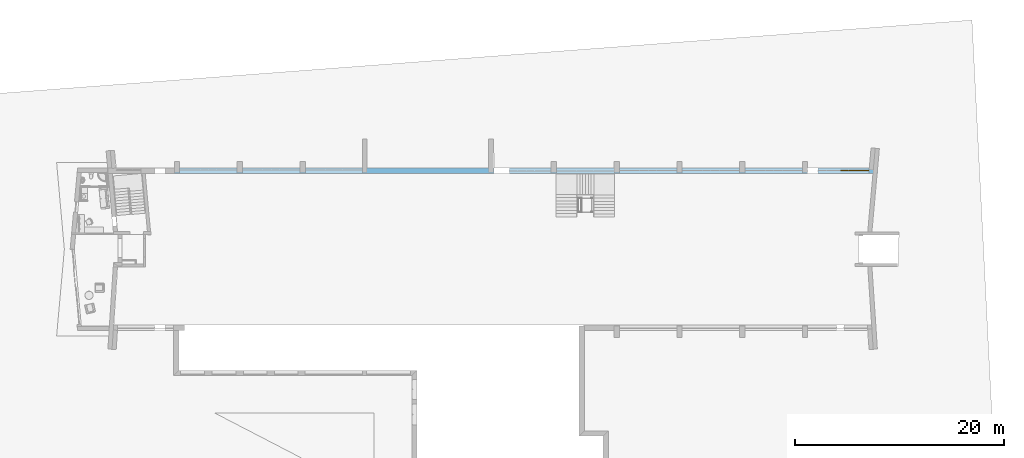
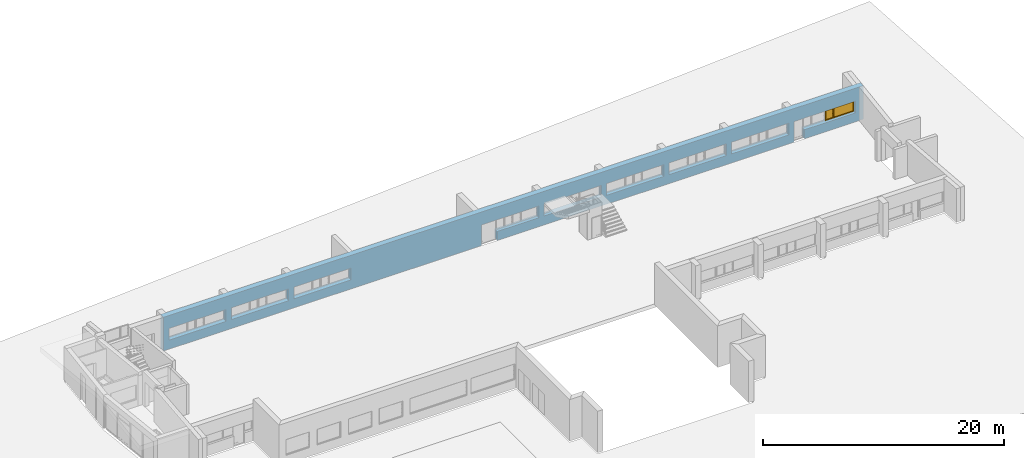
# One storey, part 9 of 36: 1 window, 20 openings, plus 1 element that does not belong to this part.
"""IFC2X3 building model written with IfcOpenShell, lengths in millimetres."""

import ifcopenshell
import ifcopenshell.guid

model = None  # the IFC model being written
_history = None  # IfcOwnerHistory: only IFC2X3 demands one
_inside = {}  # id of a spatial element -> (the spatial element, [elements in it])
_under = {}  # id of a project, library or spatial element -> (it, [spatial elements below it])
_declared = {}  # id of a project -> (the project, [libraries it declares])
_typed = {}  # id of a type object -> (the type object, [elements of that type])
_made_of = {}  # id of a material, layer set ... -> (it, [elements and type objects made of it])


def new_model(schema):
    """Start an empty IFC model of exactly this schema.

    Asked for "IFC4X3", IfcOpenShell would pick the latest addendum, in which some entities
    have other attributes; the version numbers below select the first issue.
    IFC2X3 requires an IfcOwnerHistory on every rooted entity: one is made here for all.
    """
    global model, _history
    if schema == "IFC4X3":
        model = ifcopenshell.file(schema_version=(4, 3, 0, 0))
    else:
        model = ifcopenshell.file(schema=schema)
    _inside.clear()
    _under.clear()
    _declared.clear()
    _typed.clear()
    _made_of.clear()
    _history = None
    if model.schema == "IFC2X3":
        org = make("IfcOrganization", Name="unknown")
        user = make(
            "IfcPersonAndOrganization",
            ThePerson=make("IfcPerson", FamilyName="unknown"),
            TheOrganization=org,
        )
        app = make(
            "IfcApplication",
            ApplicationDeveloper=org,
            Version="unknown",
            ApplicationFullName="unknown",
            ApplicationIdentifier="unknown",
        )
        _history = make(
            "IfcOwnerHistory",
            OwningUser=user,
            OwningApplication=app,
            ChangeAction="ADDED",
            CreationDate=0,
        )
    return model


def make(cls, **values):
    """One entity of the class cls with the attributes given. An attribute that is None is left unset."""
    return model.create_entity(
        cls, **{name: value for name, value in values.items() if value is not None}
    )


def entity(cls, *values):
    """Any entity or typed value of the class cls, its attributes in the order of the schema. None: left unset."""
    e = model.create_entity(cls)
    for i, value in enumerate(values):
        if value is not None:
            e[i] = value
    return e


def rooted(cls, **values):
    """An entity with a GlobalId (a new one), such as an element, a storey or a relation."""
    return make(cls, GlobalId=ifcopenshell.guid.new(), OwnerHistory=_history, **values)


def si_unit(unit_type, name, prefix=None):
    """IfcSIUnit, for example si_unit("LENGTHUNIT", "METRE", prefix="MILLI")."""
    return make("IfcSIUnit", UnitType=unit_type, Prefix=prefix, Name=name)


def converted_unit(unit_type, name, factor, base, dimensions=None, offset=None):
    """IfcConversionBasedUnit, such as the inch: factor (a typed value) times the base unit."""
    return make(
        "IfcConversionBasedUnit"
        if offset is None
        else "IfcConversionBasedUnitWithOffset",
        ConversionOffset=offset,
        Dimensions=None
        if dimensions is None
        else entity("IfcDimensionalExponents", *dimensions),
        UnitType=unit_type,
        Name=name,
        ConversionFactor=make(
            "IfcMeasureWithUnit", ValueComponent=factor, UnitComponent=base
        ),
    )


def money_unit(currency):
    """IfcMonetaryUnit."""
    return make("IfcMonetaryUnit", Currency=currency)


def assignment(units):
    """IfcUnitAssignment: the units of a project."""
    return None if units is None else make("IfcUnitAssignment", Units=units)


def point(xyz):
    """IfcCartesianPoint."""
    return None if xyz is None else make("IfcCartesianPoint", Coordinates=xyz)


def direction(xyz):
    """IfcDirection."""
    return None if xyz is None else make("IfcDirection", DirectionRatios=xyz)


def frame(location, z_axis=None, x_axis=None):
    """IfcAxis2Placement3D, a coordinate frame: its origin and axes. An axis left out is left unset."""
    return make(
        "IfcAxis2Placement3D",
        Location=point(location),
        Axis=direction(z_axis),
        RefDirection=direction(x_axis),
    )


def origin_with_axes():
    """The frame at (0, 0, 0) with the z axis (0, 0, 1) and the x axis (1, 0, 0) written out."""
    return frame((0.0, 0.0, 0.0), z_axis=(0.0, 0.0, 1.0), x_axis=(1.0, 0.0, 0.0))


def place(relative_to, where):
    """IfcLocalPlacement: puts the frame where relative to a parent placement (None: the world)."""
    return make(
        "IfcLocalPlacement", PlacementRelTo=relative_to, RelativePlacement=where
    )


def context(
    kind, dimensions, precision=None, world=None, true_north=None, identifier=None
):
    """IfcGeometricRepresentationContext, for example the 3D "Model" context."""
    return make(
        "IfcGeometricRepresentationContext",
        ContextIdentifier=identifier,
        ContextType=kind,
        CoordinateSpaceDimension=dimensions,
        Precision=precision,
        WorldCoordinateSystem=world,
        TrueNorth=true_north,
    )


def subcontext(parent, identifier, kind, view, scale=None):
    """IfcGeometricRepresentationSubContext, for example "Body" below "Model"."""
    return make(
        "IfcGeometricRepresentationSubContext",
        ContextIdentifier=identifier,
        ContextType=kind,
        ParentContext=parent,
        TargetScale=scale,
        TargetView=view,
    )


def project(units=None, contexts=None):
    """IfcProject with its units and contexts."""
    return rooted(
        "IfcProject",
        Name="project",
        RepresentationContexts=contexts,
        UnitsInContext=assignment(units),
    )


def spatial(cls, under=None, at=None, **own):
    """A site, building, storey or space (cls), placed at a placement, below another one or the project."""
    s = rooted(cls, ObjectPlacement=at, **own)
    if under is not None:
        _under.setdefault(under.id(), (under, []))[1].append(s)
    return s


def polyline(points):
    """IfcPolyline through the points."""
    return make("IfcPolyline", Points=[point(p) for p in points])


def outline(outer, holes=None, kind="AREA"):
    """IfcArbitraryClosedProfileDef: a profile drawn as a closed curve; with holes, ...WithVoids."""
    if holes is None:
        return make("IfcArbitraryClosedProfileDef", ProfileType=kind, OuterCurve=outer)
    return make(
        "IfcArbitraryProfileDefWithVoids",
        ProfileType=kind,
        OuterCurve=outer,
        InnerCurves=holes,
    )


def extrude(swept, where, along, depth):
    """IfcExtrudedAreaSolid: the profile swept, set in the frame where, extruded along a direction by depth."""
    return make(
        "IfcExtrudedAreaSolid",
        SweptArea=swept,
        Position=where,
        ExtrudedDirection=direction(along),
        Depth=depth,
    )


def faces_of(points, faces, orient=None, outer=None):
    """IfcFace entities. A face is a list of loops; a loop is a list of indices into points, from 0.

    orient and outer hold one flag for each loop. By default every Orientation is true, the
    first loop of a face is its IfcFaceOuterBound and the others are IfcFaceBound.
    """
    made = []
    for i, loops in enumerate(faces):
        bounds = []
        for j, loop in enumerate(loops):
            is_outer = j == 0 if outer is None else outer[i][j]
            bounds.append(
                make(
                    "IfcFaceOuterBound" if is_outer else "IfcFaceBound",
                    Bound=make("IfcPolyLoop", Polygon=[points[k] for k in loop]),
                    Orientation=True if orient is None else orient[i][j],
                )
            )
        made.append(make("IfcFace", Bounds=bounds))
    return made


def open_shell(faces, orient=None, outer=None):
    """The faces of one IfcOpenShell. surface_model builds it on its shared points."""
    return ("IfcOpenShell", faces, orient, outer)


def faceted_brep(points, faces, orient=None, outer=None, voids=None):
    """IfcFacetedBrep: a solid bounded by flat faces; with voids (closed shells), ...WithVoids."""
    shared = [point(p) for p in points]
    hull = make("IfcClosedShell", CfsFaces=faces_of(shared, faces, orient, outer))
    if voids is None:
        return make("IfcFacetedBrep", Outer=hull)
    return make(
        "IfcFacetedBrepWithVoids",
        Outer=hull,
        Voids=[
            make(cls, CfsFaces=faces_of(shared, fs, o, b)) for cls, fs, o, b in voids
        ],
    )


def surface_model(cls, points, shells):
    """IfcFaceBasedSurfaceModel or IfcShellBasedSurfaceModel (cls): surfaces that need not close."""
    shared = [point(p) for p in points]
    made = [make(c, CfsFaces=faces_of(shared, fs, o, b)) for c, fs, o, b in shells]
    if cls == "IfcFaceBasedSurfaceModel":
        return make(cls, FbsmFaces=made)
    return make(cls, SbsmBoundary=made)


def shape(context_of_items, identifier, shape_type, items):
    """IfcShapeRepresentation: the items that make up one representation, for example the "Body"."""
    return make(
        "IfcShapeRepresentation",
        ContextOfItems=context_of_items,
        RepresentationIdentifier=identifier,
        RepresentationType=shape_type,
        Items=items,
    )


def source(mapping_origin, context_of_items, identifier, shape_type, items):
    """IfcRepresentationMap: a shape defined once, which mapped items show again and again."""
    return make(
        "IfcRepresentationMap",
        MappingOrigin=mapping_origin,
        MappedRepresentation=shape(context_of_items, identifier, shape_type, items),
    )


def transform(
    local_origin,
    x_axis=None,
    y_axis=None,
    z_axis=None,
    scale=None,
    scale2=None,
    scale3=None,
    uniform=True,
):
    """IfcCartesianTransformationOperator3D, or its non-uniform kind. x_axis, y_axis, z_axis: its Axis1, 2, 3."""
    if uniform:
        return make(
            "IfcCartesianTransformationOperator3D",
            Axis1=direction(x_axis),
            Axis2=direction(y_axis),
            LocalOrigin=point(local_origin),
            Scale=scale,
            Axis3=direction(z_axis),
        )
    return make(
        "IfcCartesianTransformationOperator3DnonUniform",
        Axis1=direction(x_axis),
        Axis2=direction(y_axis),
        LocalOrigin=point(local_origin),
        Scale=scale,
        Axis3=direction(z_axis),
        Scale2=scale2,
        Scale3=scale3,
    )


def mapped(mapping_source, mapping_target):
    """IfcMappedItem: shows the shape of a source again, moved by a transform."""
    return make(
        "IfcMappedItem", MappingSource=mapping_source, MappingTarget=mapping_target
    )


def material(Name=None, Category=None):
    """IfcMaterial."""
    return make("IfcMaterial", Name=Name, Category=Category)


def material_list(materials):
    """IfcMaterialList."""
    return make("IfcMaterialList", Materials=materials)


def layer(
    of_material, thickness, ventilated=None, Name=None, Category=None, Priority=None
):
    """IfcMaterialLayer: one layer of a wall or slab, of a material (None: an air gap)."""
    return make(
        "IfcMaterialLayer",
        Material=of_material,
        LayerThickness=thickness,
        IsVentilated=ventilated,
        Name=Name,
        Category=Category,
        Priority=Priority,
    )


def layer_set(layers, Name=None):
    """IfcMaterialLayerSet."""
    return make("IfcMaterialLayerSet", MaterialLayers=layers, LayerSetName=Name)


def layer_usage(for_layer_set, set_direction, sense, offset, extent=None):
    """IfcMaterialLayerSetUsage: how a layer set lies in its element."""
    return make(
        "IfcMaterialLayerSetUsage",
        ForLayerSet=for_layer_set,
        LayerSetDirection=set_direction,
        DirectionSense=sense,
        OffsetFromReferenceLine=offset,
        ReferenceExtent=extent,
    )


def made_of(thing, what):
    """Note that an element or type object is made of a material, layer set ...; save() writes the relation."""
    if what is not None:
        _made_of.setdefault(what.id(), (what, []))[1].append(thing)
    return thing


def type_object(cls, material=None, **own):
    """A type object (cls), such as IfcWallType, which elements share."""
    return made_of(rooted(cls, **own), material)


def element(
    cls,
    number,
    at=None,
    inside=None,
    cuts=None,
    type_object=None,
    material=None,
    context=None,
    identifier="Body",
    shape_type=None,
    held_by="IfcProductDefinitionShape",
    body=None,
    shapes=None,
    **own,
):
    """One element of the class cls, such as IfcWall. Its Tag is "e" and its number.

    at: its placement. inside: the storey or other place that contains it. cuts: it is an
    opening in that element (IfcRelVoidsElement). A single representation is given by context,
    identifier, shape_type and body (its items); several are given by shapes. held_by: the class
    of the entity that holds the representations. save() writes the other relations.
    """
    e = rooted(cls, Tag="e%d" % number, ObjectPlacement=at, **own)
    if body is not None:
        shapes = [shape(context, identifier, shape_type, body)]
    if shapes is not None:
        e.Representation = make(held_by, Representations=shapes)
    if inside is not None:
        _inside.setdefault(inside.id(), (inside, []))[1].append(e)
    if cuts is not None:
        rooted(
            "IfcRelVoidsElement", RelatingBuildingElement=cuts, RelatedOpeningElement=e
        )
    if type_object is not None:
        _typed.setdefault(type_object.id(), (type_object, []))[1].append(e)
    return made_of(e, material)


def fill(opening, filler):
    """IfcRelFillsElement: the door or window that sits in an opening."""
    return rooted(
        "IfcRelFillsElement",
        RelatingOpeningElement=opening,
        RelatedBuildingElement=filler,
    )


def aggregate(whole, parts):
    """IfcRelAggregates: a whole, such as a stair, and the parts it consists of."""
    return rooted("IfcRelAggregates", RelatingObject=whole, RelatedObjects=parts)


def save(model, path):
    """Write the relations noted so far, then the file.

    IfcRelAggregates (storeys below a building ...), IfcRelContainedInSpatialStructure (elements
    in a storey), IfcRelDefinesByType, IfcRelAssociatesMaterial and IfcRelDeclares: one each for
    every whole, place, type object, material and project.
    """
    for whole, parts in _under.values():
        aggregate(whole, parts)
    for where, things in _inside.values():
        rooted(
            "IfcRelContainedInSpatialStructure",
            RelatedElements=things,
            RelatingStructure=where,
        )
    for kind, things in _typed.values():
        rooted("IfcRelDefinesByType", RelatedObjects=things, RelatingType=kind)
    for what, things in _made_of.values():
        rooted("IfcRelAssociatesMaterial", RelatedObjects=things, RelatingMaterial=what)
    for by, libraries in _declared.values():
        rooted("IfcRelDeclares", RelatingContext=by, RelatedDefinitions=libraries)
    model.write(path)


model = new_model("IFC2X3")

# Units and contexts
model_context = context("Model", 3, precision=1e-05, world=origin_with_axes(), true_north=direction((0.0, 1.0)))
body_context = subcontext(model_context, "Body", "Model", "MODEL_VIEW")
ifc_project = project(units=[si_unit("LENGTHUNIT", "METRE", prefix="MILLI"), si_unit("AREAUNIT", "SQUARE_METRE"), si_unit("VOLUMEUNIT", "CUBIC_METRE"), converted_unit("PLANEANGLEUNIT", "DEGREE", entity("IfcPlaneAngleMeasure", 0.0174532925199), si_unit("PLANEANGLEUNIT", "RADIAN"), dimensions=[0, 0, 0, 0, 0, 0, 0]), si_unit("SOLIDANGLEUNIT", "STERADIAN"), money_unit("USD"), converted_unit("TIMEUNIT", "Year", entity("IfcTimeMeasure", 31556926.0), si_unit("TIMEUNIT", "SECOND"), dimensions=[0, 0, 0, 0, 0, 0, 0]), si_unit("MASSUNIT", "GRAM"), si_unit("THERMODYNAMICTEMPERATUREUNIT", "DEGREE_CELSIUS"), si_unit("LUMINOUSINTENSITYUNIT", "LUMEN")], contexts=[model_context])

# Site, building, storey
site_placement = place(None, origin_with_axes())
site = spatial("IfcSite", under=ifc_project, at=site_placement, Name="Site", CompositionType="ELEMENT")
building_placement = place(site_placement, origin_with_axes())
building = spatial("IfcBuilding", under=site, at=building_placement, Name="Building", CompositionType="ELEMENT")
storey_placement = place(building_placement, frame((0.0, 0.0, -3400.0), z_axis=(0.0, 0.0, 1.0), x_axis=(1.0, 0.0, 0.0)))
storey = spatial("IfcBuildingStorey", under=building, at=storey_placement, Name="1KORRUS", CompositionType="ELEMENT", Elevation=-3400.0)

# Wall, openings, window
ifc_material_1 = material(Name="Olemasolevad seinad tellis, uus viimistlus")
ifc_layer = layer(ifc_material_1, 500.0, ventilated="UNKNOWN")
ifc_layer_set = layer_set([ifc_layer], Name="Olemasolevad seinad tellis, uus viimistlus 500")
ifc_layer_usage = layer_usage(ifc_layer_set, "AXIS2", "POSITIVE", -100.0)
wall_type = type_object("IfcWallType", Name="Olemasolevad seinad tellis, uus viimistlus 500", PredefinedType="NOTDEFINED")
wall_placement = place(storey_placement, frame((-48393.8274049, -5039.6041088, 0.0), z_axis=(0.0, 0.0, 1.0), x_axis=(1.0, 0.0, 0.0)))
wall = element("IfcWallStandardCase", 1, at=wall_placement, inside=storey, type_object=wall_type, material=ifc_layer_usage, Name="VS1", ObjectType="VS1", context=body_context, shape_type="SweptSolid", body=[
    extrude(outline(polyline([(0.0, -100.0), (67149.8194303, -100.0), (67149.8194303, 400.0), (0.0, 400.0), (0.0, -100.0)])), origin_with_axes(), (0.0, 0.0, 1.0), 3400.0),
])
opening_1_placement = place(wall_placement, frame((1878.53070154, 0.0, 900.0), z_axis=(0.0, 0.0, 1.0), x_axis=(1.0, 0.0, 0.0)))
element("IfcOpeningElement", 2, at=opening_1_placement, cuts=wall, Name="Olemasolevad aknad jäävad", context=body_context, shape_type="SweptSolid", body=[
    extrude(outline(polyline([(-1375.0, 1200.0), (-1375.0, 0.0), (1375.0, 0.0), (1375.0, 1200.0), (-1375.0, 1200.0)])), frame((0.0, 250.0, 0.0), z_axis=(0.0, -1.0, 0.0), x_axis=(1.0, 0.0, 0.0)), (0.0, 0.0, 1.0), 850.0),
    extrude(outline(polyline([(-1375.0, 0.0), (-1375.0, -1200.0), (1375.0, -1200.0), (1375.0, 0.0), (-1375.0, 0.0)])), frame((0.0, 250.0, 0.0), z_axis=(0.0, 1.0, 0.0), x_axis=(1.0, 0.0, 0.0)), (0.0, 0.0, 1.0), 650.0),
])
opening_2_placement = place(wall_placement, frame((7878.53070154, 0.0, 900.0), z_axis=(0.0, 0.0, 1.0), x_axis=(1.0, 0.0, 0.0)))
element("IfcOpeningElement", 3, at=opening_2_placement, cuts=wall, Name="Olemasolevad aknad jäävad", context=body_context, shape_type="SweptSolid", body=[
    extrude(outline(polyline([(-1375.0, 1200.0), (-1375.0, 0.0), (1375.0, 0.0), (1375.0, 1200.0), (-1375.0, 1200.0)])), frame((0.0, 250.0, 0.0), z_axis=(0.0, -1.0, 0.0), x_axis=(1.0, 0.0, 0.0)), (0.0, 0.0, 1.0), 850.0),
    extrude(outline(polyline([(-1375.0, 0.0), (-1375.0, -1200.0), (1375.0, -1200.0), (1375.0, 0.0), (-1375.0, 0.0)])), frame((0.0, 250.0, 0.0), z_axis=(0.0, 1.0, 0.0), x_axis=(1.0, 0.0, 0.0)), (0.0, 0.0, 1.0), 650.0),
])
opening_3_placement = place(wall_placement, frame((13878.5307015, 0.0, 900.0), z_axis=(0.0, 0.0, 1.0), x_axis=(1.0, 0.0, 0.0)))
element("IfcOpeningElement", 4, at=opening_3_placement, cuts=wall, Name="Olemasolevad aknad jäävad", context=body_context, shape_type="SweptSolid", body=[
    extrude(outline(polyline([(-1375.0, 1200.0), (-1375.0, 0.0), (1375.0, 0.0), (1375.0, 1200.0), (-1375.0, 1200.0)])), frame((0.0, 250.0, 0.0), z_axis=(0.0, -1.0, 0.0), x_axis=(1.0, 0.0, 0.0)), (0.0, 0.0, 1.0), 850.0),
    extrude(outline(polyline([(-1375.0, 0.0), (-1375.0, -1200.0), (1375.0, -1200.0), (1375.0, 0.0), (-1375.0, 0.0)])), frame((0.0, 250.0, 0.0), z_axis=(0.0, 1.0, 0.0), x_axis=(1.0, 0.0, 0.0)), (0.0, 0.0, 1.0), 650.0),
])
opening_4_placement = place(wall_placement, frame((4628.53070154, 0.0, 900.0), z_axis=(0.0, 0.0, 1.0), x_axis=(1.0, 0.0, 0.0)))
element("IfcOpeningElement", 5, at=opening_4_placement, cuts=wall, Name="Olemasolevad aknad jäävad", context=body_context, shape_type="SweptSolid", body=[
    extrude(outline(polyline([(1375.0, 1200.0), (-1375.0, 1200.0), (-1375.0, 0.0), (1375.0, 0.0), (1375.0, 1200.0)])), frame((0.0, 250.0, 0.0), z_axis=(0.0, -1.0, 0.0), x_axis=(1.0, 0.0, 0.0)), (0.0, 0.0, 1.0), 850.0),
    extrude(outline(polyline([(1375.0, 0.0), (-1375.0, 0.0), (-1375.0, -1200.0), (1375.0, -1200.0), (1375.0, 0.0)])), frame((0.0, 250.0, 0.0), z_axis=(0.0, 1.0, 0.0), x_axis=(1.0, 0.0, 0.0)), (0.0, 0.0, 1.0), 650.0),
])
opening_5_placement = place(wall_placement, frame((10628.5307015, 0.0, 900.0), z_axis=(0.0, 0.0, 1.0), x_axis=(1.0, 0.0, 0.0)))
element("IfcOpeningElement", 6, at=opening_5_placement, cuts=wall, Name="Olemasolevad aknad jäävad", context=body_context, shape_type="SweptSolid", body=[
    extrude(outline(polyline([(1375.0, 1200.0), (-1375.0, 1200.0), (-1375.0, 0.0), (1375.0, 0.0), (1375.0, 1200.0)])), frame((0.0, 250.0, 0.0), z_axis=(0.0, -1.0, 0.0), x_axis=(1.0, 0.0, 0.0)), (0.0, 0.0, 1.0), 850.0),
    extrude(outline(polyline([(1375.0, 0.0), (-1375.0, 0.0), (-1375.0, -1200.0), (1375.0, -1200.0), (1375.0, 0.0)])), frame((0.0, 250.0, 0.0), z_axis=(0.0, 1.0, 0.0), x_axis=(1.0, 0.0, 0.0)), (0.0, 0.0, 1.0), 650.0),
])
opening_6_placement = place(wall_placement, frame((16616.9651775, 0.0, 900.0), z_axis=(0.0, 0.0, 1.0), x_axis=(1.0, 0.0, 0.0)))
element("IfcOpeningElement", 7, at=opening_6_placement, cuts=wall, Name="Olemasolevad aknad jäävad", context=body_context, shape_type="SweptSolid", body=[
    extrude(outline(polyline([(1375.0, 1200.0), (-1375.0, 1200.0), (-1375.0, 0.0), (1375.0, 0.0), (1375.0, 1200.0)])), frame((0.0, 250.0, 0.0), z_axis=(0.0, -1.0, 0.0), x_axis=(1.0, 0.0, 0.0)), (0.0, 0.0, 1.0), 850.0),
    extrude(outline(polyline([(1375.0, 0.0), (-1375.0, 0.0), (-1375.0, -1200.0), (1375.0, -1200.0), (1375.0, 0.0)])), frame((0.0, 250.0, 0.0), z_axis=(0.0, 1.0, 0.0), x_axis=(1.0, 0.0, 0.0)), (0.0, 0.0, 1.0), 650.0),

######

Filter the preceding entries down to the lines with "clear".

▶ _COMPLETED EXERCISE_:
    _inside.clear()
    _under.clear()
    _declared.clear()
    _typed.clear()
    _made_of.clear()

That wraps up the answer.